═══ MATERIAL FOR THIS EXERCISE ═══
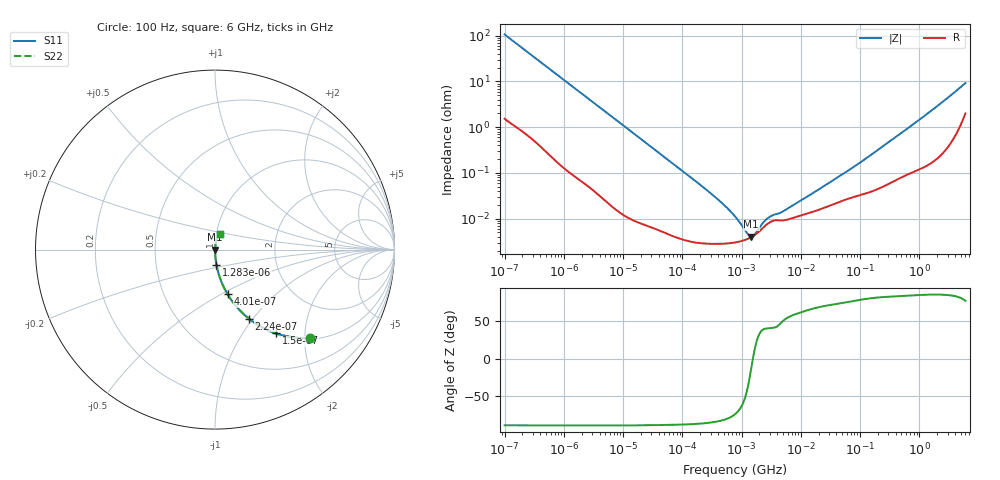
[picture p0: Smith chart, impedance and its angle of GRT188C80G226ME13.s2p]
!Murata Part Number: GRT188C80G226ME13
!These Parameters are Measured in Series Mode Connection
!Data Generated on Jun 19, 2026
!  o--ll--o
!Port1  Port2
!  o------o
!Operation Temp=25[degC], DC Bias Voltage=0[V]
!Freq. Start=100[Hz] Stop=6[GHz] 401[Steps]
# Hz S RI R 50
!Freq.(Hz) S11(Real) S11(Imag) S21(Real) S21(Imag) S12(Real) S12(Imag) S22(Real) S22(Imag)
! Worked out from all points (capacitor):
!   401 points, 100 Hz to 6 GHz, reference 50 ohm
!   read as one part in series: C = 14.9 uF near 109 Hz
!   lowest |Z| = 4.05 mohm at 1.45 MHz (marker M1)
!   series resonance near 1.553 MHz, so ESL is about 700 pH
!   S11 on the Smith chart (normalised r, x): 100 Hz: 1.03, -2.13; 150 Hz: 1.02, -1.43; 224 Hz: 1.01, -0.96; 401 Hz: 1.01, -0.54; 1.283 kHz: 1.00, -0.17; 6 GHz: 1.04, +0.18
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100  0.5305 -0.4919  0.4695 0.4919  0.4695 0.4919  0.5305 -0.4919
150  0.3396 -0.4663  0.6604 0.4663  0.6604 0.4663  0.3396 -0.4663
224  0.1902 -0.385  0.8098 0.385  0.8098 0.385  0.1902 -0.385
306  0.1134 -0.3098  0.8866 0.3098  0.8866 0.3098  0.1134 -0.3098
401  0.0707 -0.2493  0.9293 0.2493  0.9293 0.2493  0.0707 -0.2493
717  0.0241 -0.1473  0.9759 0.1473  0.9759 0.1473  0.0241 -0.1473
1283  0.0081 -0.084  0.9919 0.084  0.9919 0.084  0.0081 -0.084
2008  0.00359 -0.0541  0.9964 0.0541  0.9964 0.0541  0.00359 -0.0541
6433  0.000478 -0.0171  0.9995 0.0171  0.9995 0.0171  0.000478 -0.0171
40335  6.32e-05 -0.00276  0.9999 0.00276  0.9999 0.00276  6.32e-05 -0.00276
316350  2.83e-05 -0.00034  1 0.00034  1 0.00034  2.83e-05 -0.00034
517687  2.86e-05 -0.000192  1 0.000192  1 0.000192  2.86e-05 -0.000192
774597  3.03e-05 -0.000108  1 0.000108  1 0.000108  3.03e-05 -0.000108
926525  3.17e-05 -7.75e-05  1 7.75e-05  1 7.75e-05  3.17e-05 -7.75e-05
1449809  3.93e-05 -9.7e-06  1 9.7e-06  1 9.7e-06  3.93e-05 -9.7e-06
2713602  7.66e-05 6.56e-05  0.9999 -6.56e-05  0.9999 -6.56e-05  7.66e-05 6.56e-05
4856642  9.15e-05 0.000108  0.9999 -0.000108  0.9999 -0.000108  9.15e-05 0.000108
1.555665e7  0.00014 0.000326  0.9999 -0.000326  0.9999 -0.000326  0.00014 0.000326
7.797396e7  0.000299 0.00132  0.9997 -0.00132  0.9997 -0.00132  0.000299 0.00132
3.124326e8  0.000611 0.00481  0.9994 -0.00481  0.9994 -0.00481  0.000611 0.00481
1.873145e9  0.00263 0.0268  0.9974 -0.0268  0.9974 -0.0268  0.00263 0.0268
6e9  0.0271 0.0858  0.9729 -0.0858  0.9729 -0.0858  0.0271 0.0858
═══
**EXERCISE DETAILS:** Scan the records above, count the lines with "points" in them, and give only the number.

**TASK SOLUTION:** 2